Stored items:
++++++++

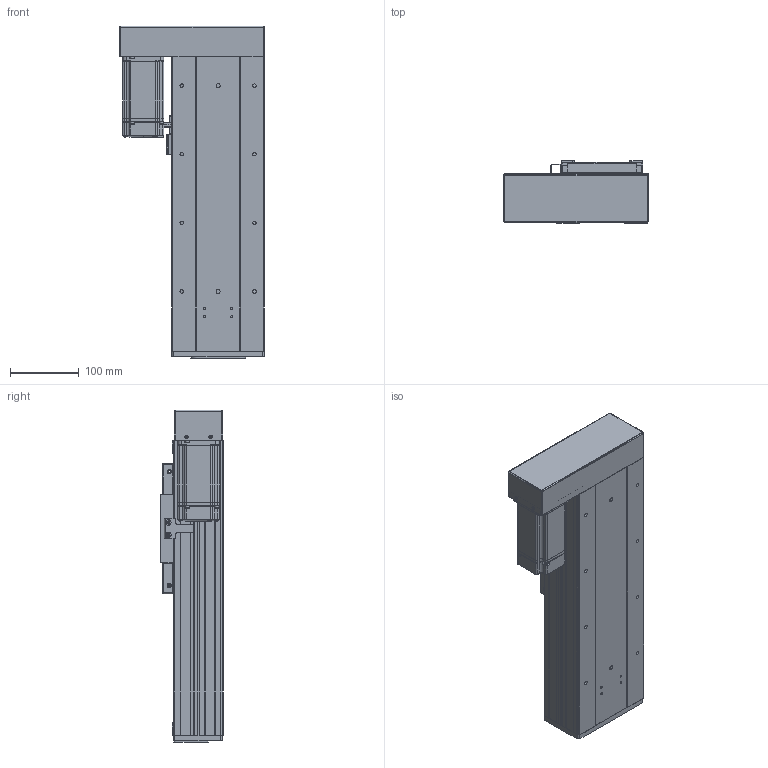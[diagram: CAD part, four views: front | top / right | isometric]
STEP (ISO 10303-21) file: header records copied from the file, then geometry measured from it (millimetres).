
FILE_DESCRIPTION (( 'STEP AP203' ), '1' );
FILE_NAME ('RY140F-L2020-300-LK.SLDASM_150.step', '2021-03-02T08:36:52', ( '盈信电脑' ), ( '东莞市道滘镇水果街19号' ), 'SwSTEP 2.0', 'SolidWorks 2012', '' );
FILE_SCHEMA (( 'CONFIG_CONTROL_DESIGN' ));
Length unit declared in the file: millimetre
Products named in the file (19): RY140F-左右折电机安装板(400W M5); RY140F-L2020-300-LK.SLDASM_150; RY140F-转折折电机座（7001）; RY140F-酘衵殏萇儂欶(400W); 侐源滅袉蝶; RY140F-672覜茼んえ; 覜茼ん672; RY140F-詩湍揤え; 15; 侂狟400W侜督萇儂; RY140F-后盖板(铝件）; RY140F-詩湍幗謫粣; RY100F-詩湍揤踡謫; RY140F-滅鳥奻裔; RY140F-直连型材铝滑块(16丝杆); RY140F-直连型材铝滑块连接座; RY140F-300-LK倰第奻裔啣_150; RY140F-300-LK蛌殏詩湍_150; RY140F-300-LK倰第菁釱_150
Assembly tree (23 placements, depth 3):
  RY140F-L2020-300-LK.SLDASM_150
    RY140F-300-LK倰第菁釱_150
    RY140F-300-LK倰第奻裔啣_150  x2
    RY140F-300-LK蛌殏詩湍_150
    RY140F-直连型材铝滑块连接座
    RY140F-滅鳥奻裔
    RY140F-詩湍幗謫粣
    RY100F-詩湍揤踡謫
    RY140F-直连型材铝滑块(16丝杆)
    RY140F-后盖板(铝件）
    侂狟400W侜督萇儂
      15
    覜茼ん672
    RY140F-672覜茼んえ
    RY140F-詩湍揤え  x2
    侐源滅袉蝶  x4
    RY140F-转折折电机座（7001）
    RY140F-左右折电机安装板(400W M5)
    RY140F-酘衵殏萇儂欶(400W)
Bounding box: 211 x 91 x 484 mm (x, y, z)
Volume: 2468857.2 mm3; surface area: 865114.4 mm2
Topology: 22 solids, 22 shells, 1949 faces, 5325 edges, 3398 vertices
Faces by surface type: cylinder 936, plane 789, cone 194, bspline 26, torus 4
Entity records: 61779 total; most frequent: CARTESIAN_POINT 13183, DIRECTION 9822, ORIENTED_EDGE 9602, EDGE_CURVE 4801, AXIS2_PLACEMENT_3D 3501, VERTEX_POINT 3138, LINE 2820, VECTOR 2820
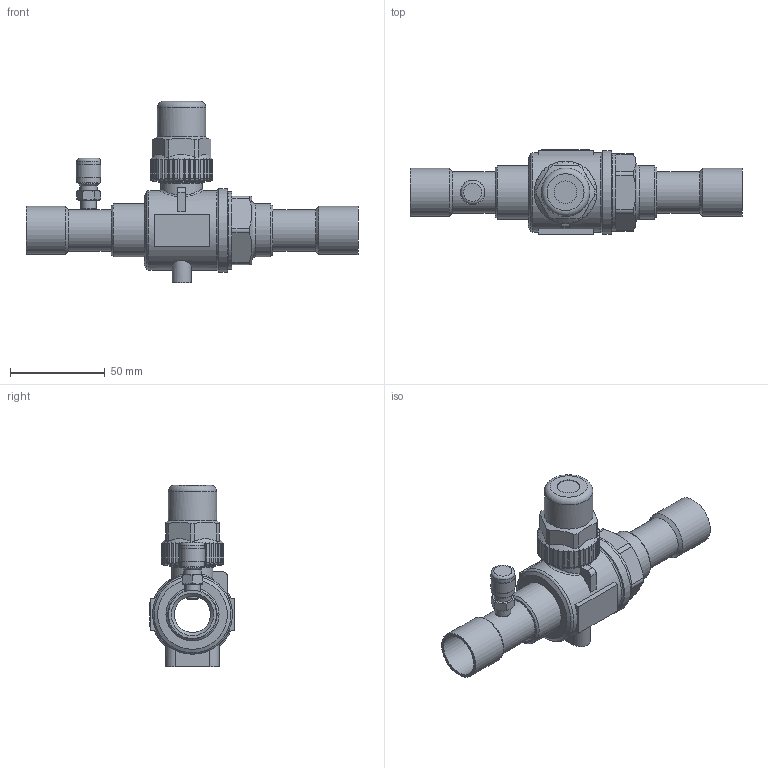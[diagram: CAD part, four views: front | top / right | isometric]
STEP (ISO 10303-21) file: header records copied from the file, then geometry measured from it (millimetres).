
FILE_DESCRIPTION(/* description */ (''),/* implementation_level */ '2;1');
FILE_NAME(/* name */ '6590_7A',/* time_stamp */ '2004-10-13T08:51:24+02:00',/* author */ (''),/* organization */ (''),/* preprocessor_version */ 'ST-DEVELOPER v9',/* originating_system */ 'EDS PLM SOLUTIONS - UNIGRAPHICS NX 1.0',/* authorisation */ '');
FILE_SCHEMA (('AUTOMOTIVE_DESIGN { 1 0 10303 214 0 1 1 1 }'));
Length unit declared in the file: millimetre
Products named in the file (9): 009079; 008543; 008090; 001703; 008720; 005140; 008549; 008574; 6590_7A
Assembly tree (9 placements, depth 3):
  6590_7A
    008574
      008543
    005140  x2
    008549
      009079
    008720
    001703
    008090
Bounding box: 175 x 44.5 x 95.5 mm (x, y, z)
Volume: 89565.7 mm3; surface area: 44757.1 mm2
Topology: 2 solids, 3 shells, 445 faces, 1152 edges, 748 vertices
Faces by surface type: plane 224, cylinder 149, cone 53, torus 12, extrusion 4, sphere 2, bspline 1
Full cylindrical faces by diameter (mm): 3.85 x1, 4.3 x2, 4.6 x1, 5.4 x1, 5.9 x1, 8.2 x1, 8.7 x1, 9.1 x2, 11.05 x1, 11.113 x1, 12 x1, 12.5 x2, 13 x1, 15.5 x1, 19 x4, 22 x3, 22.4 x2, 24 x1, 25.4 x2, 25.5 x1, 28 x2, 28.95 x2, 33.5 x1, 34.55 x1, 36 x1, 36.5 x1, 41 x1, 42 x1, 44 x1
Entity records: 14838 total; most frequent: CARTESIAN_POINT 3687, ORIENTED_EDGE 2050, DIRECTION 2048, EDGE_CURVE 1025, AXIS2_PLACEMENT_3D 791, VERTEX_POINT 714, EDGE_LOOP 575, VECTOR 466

++++++++

WORK REQUIRED –
Look over the records above and filter for each line with the word "Volume".

SOLUTION TO THIS TASK –
Volume: 2468857.2 mm3; surface area: 865114.4 mm2
Volume: 89565.7 mm3; surface area: 44757.1 mm2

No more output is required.